• **Task objective**
Type out the whole listing again exactly, pictures omitted.

=== Section Start ===

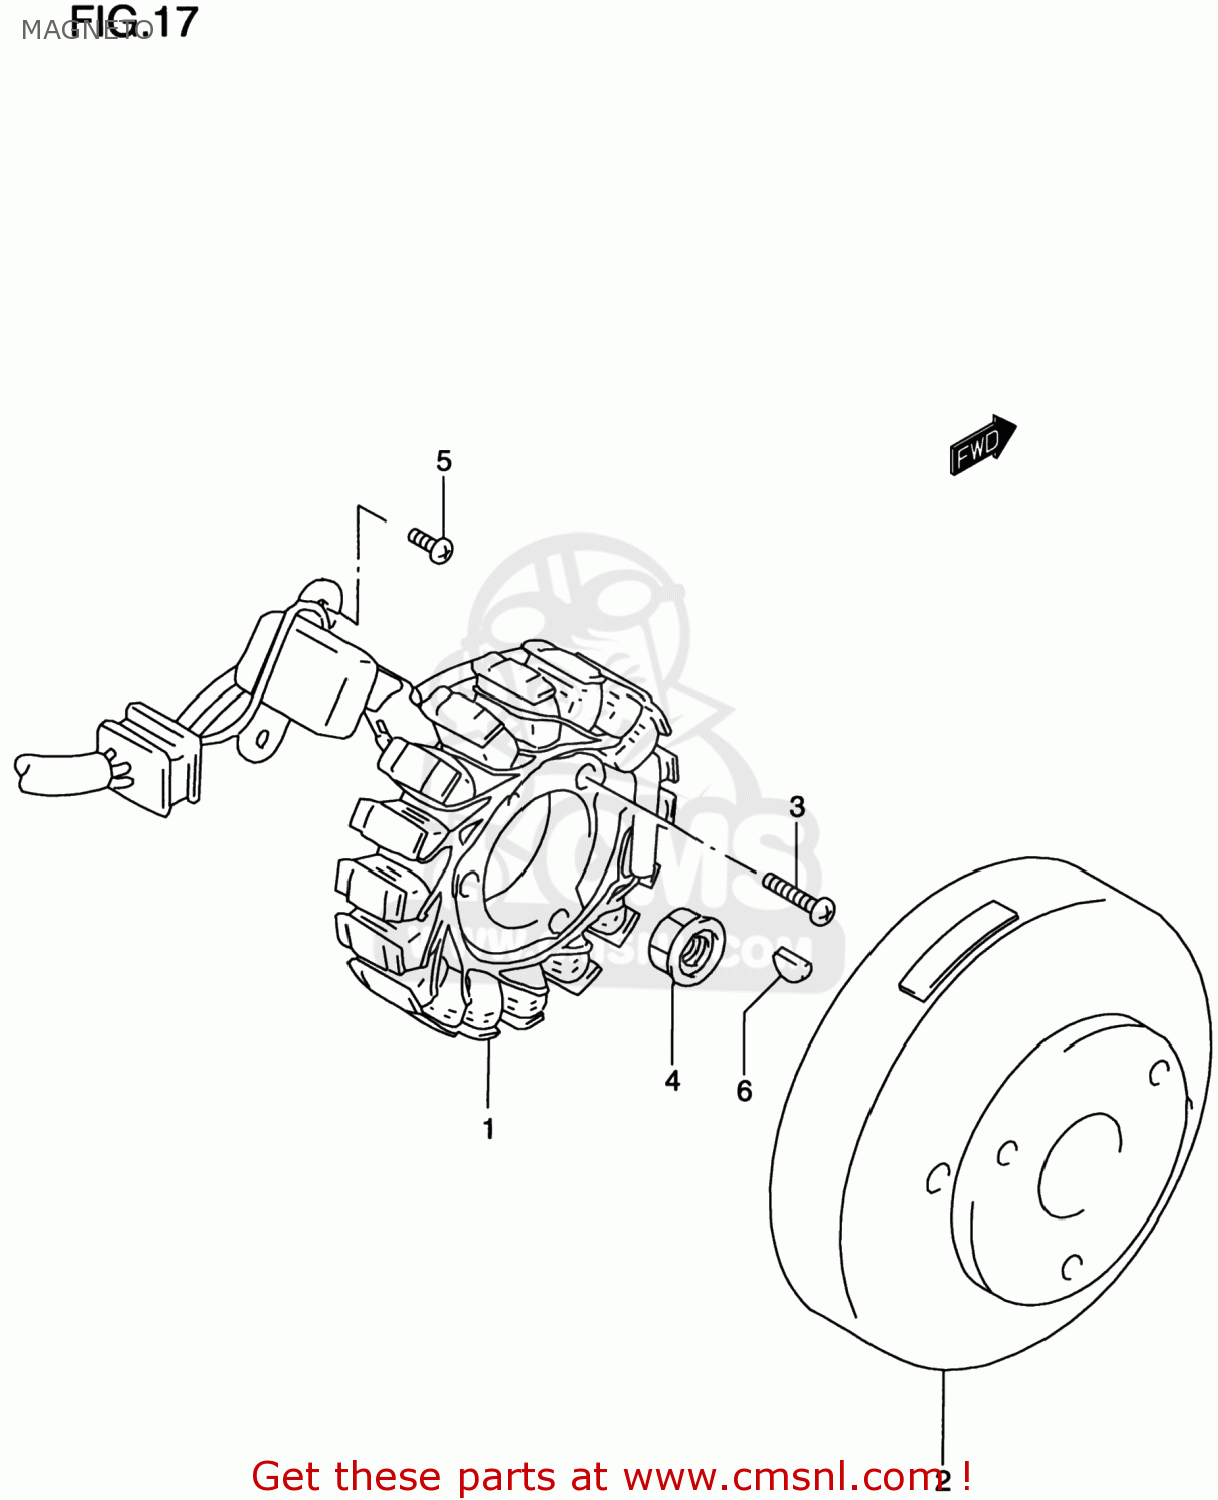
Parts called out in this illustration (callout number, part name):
1	STATOR ASSEMBLY
2	ROTOR ASSY
3	SCREW
4	NUT
5	SCREW
6	KEY
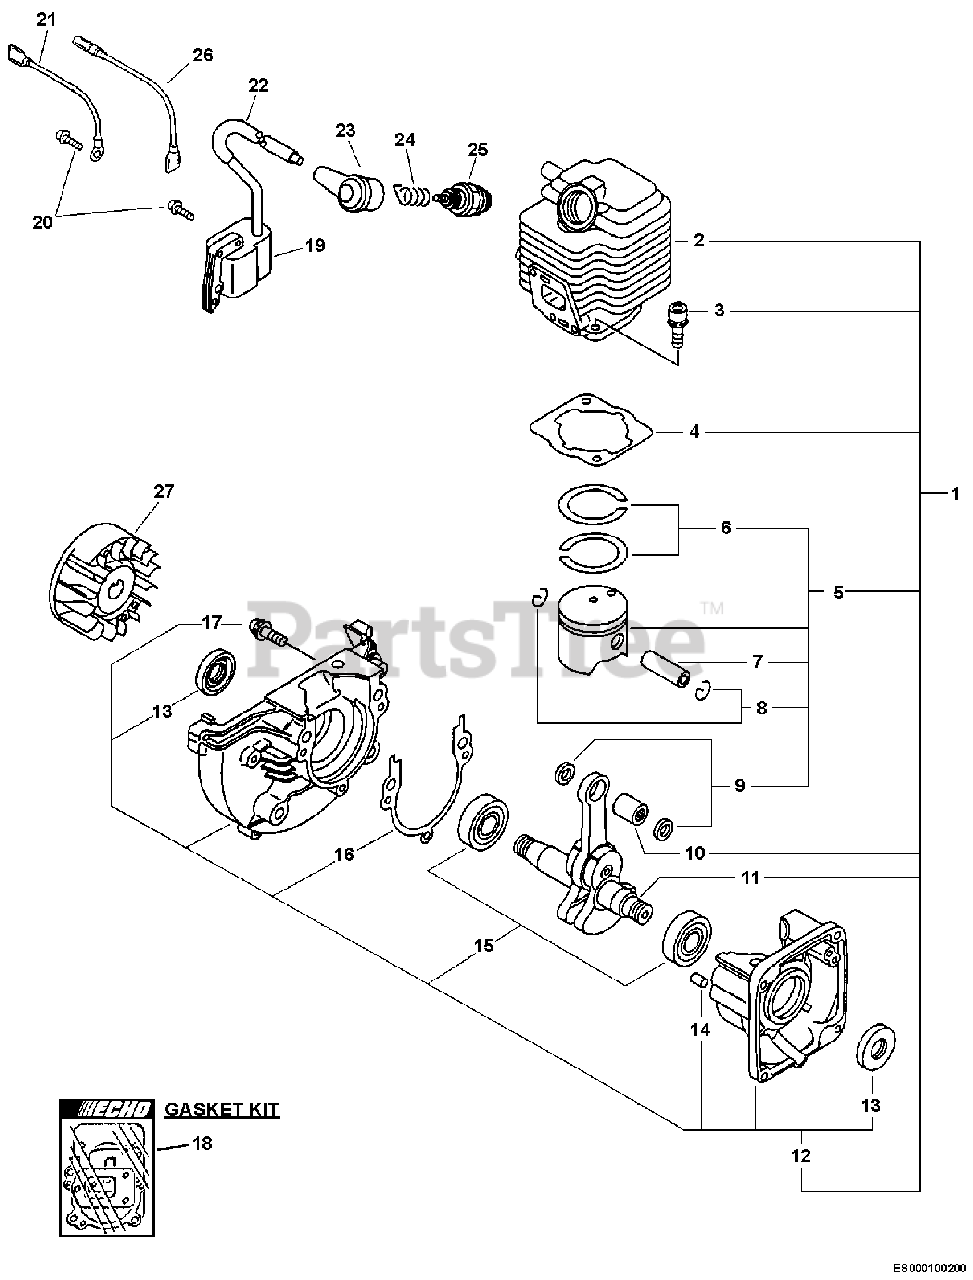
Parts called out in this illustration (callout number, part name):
1	SHORT BLOCK
2	CYLINDER
3	BOLT 5×22
4	GASKET, CYLINDER
5	PISTON KIT
6	RING, PISTON
7	PIN, PISTON 8
8	RING, SNAP
9	WASHER, THRUST
10	BEARING, NEEDLE
11	CRANKSHAFT ASSY
12	CRANKCASE KIT
13	SEAL, OIL 12
14	PIN, LOCATING 4
15	BEARING, BALL - 6201 C3
16	GASKET, CRANKCASE
17	BOLT 5×28
18	GASKET KIT
19	COIL, IGNITION
20	SCREW 4×22
21	LEAD - IGNITION
23	CAP, SPARK PLUG
24	TERMINAL, SPARK PLUG
25	SPARK PLUG - BPM-7Y
26	LEAD
27	FLYWHEEL

=== Section End ===

• **Solved problem**
Parts called out in this illustration (callout number, part name):
1	STATOR ASSEMBLY
2	ROTOR ASSY
3	SCREW
4	NUT
5	SCREW
6	KEY
Parts called out in this illustration (callout number, part name):
1	SHORT BLOCK
2	CYLINDER
3	BOLT 5×22
4	GASKET, CYLINDER
5	PISTON KIT
6	RING, PISTON
7	PIN, PISTON 8
8	RING, SNAP
9	WASHER, THRUST
10	BEARING, NEEDLE
11	CRANKSHAFT ASSY
12	CRANKCASE KIT
13	SEAL, OIL 12
14	PIN, LOCATING 4
15	BEARING, BALL - 6201 C3
16	GASKET, CRANKCASE
17	BOLT 5×28
18	GASKET KIT
19	COIL, IGNITION
20	SCREW 4×22
21	LEAD - IGNITION
23	CAP, SPARK PLUG
24	TERMINAL, SPARK PLUG
25	SPARK PLUG - BPM-7Y
26	LEAD
27	FLYWHEEL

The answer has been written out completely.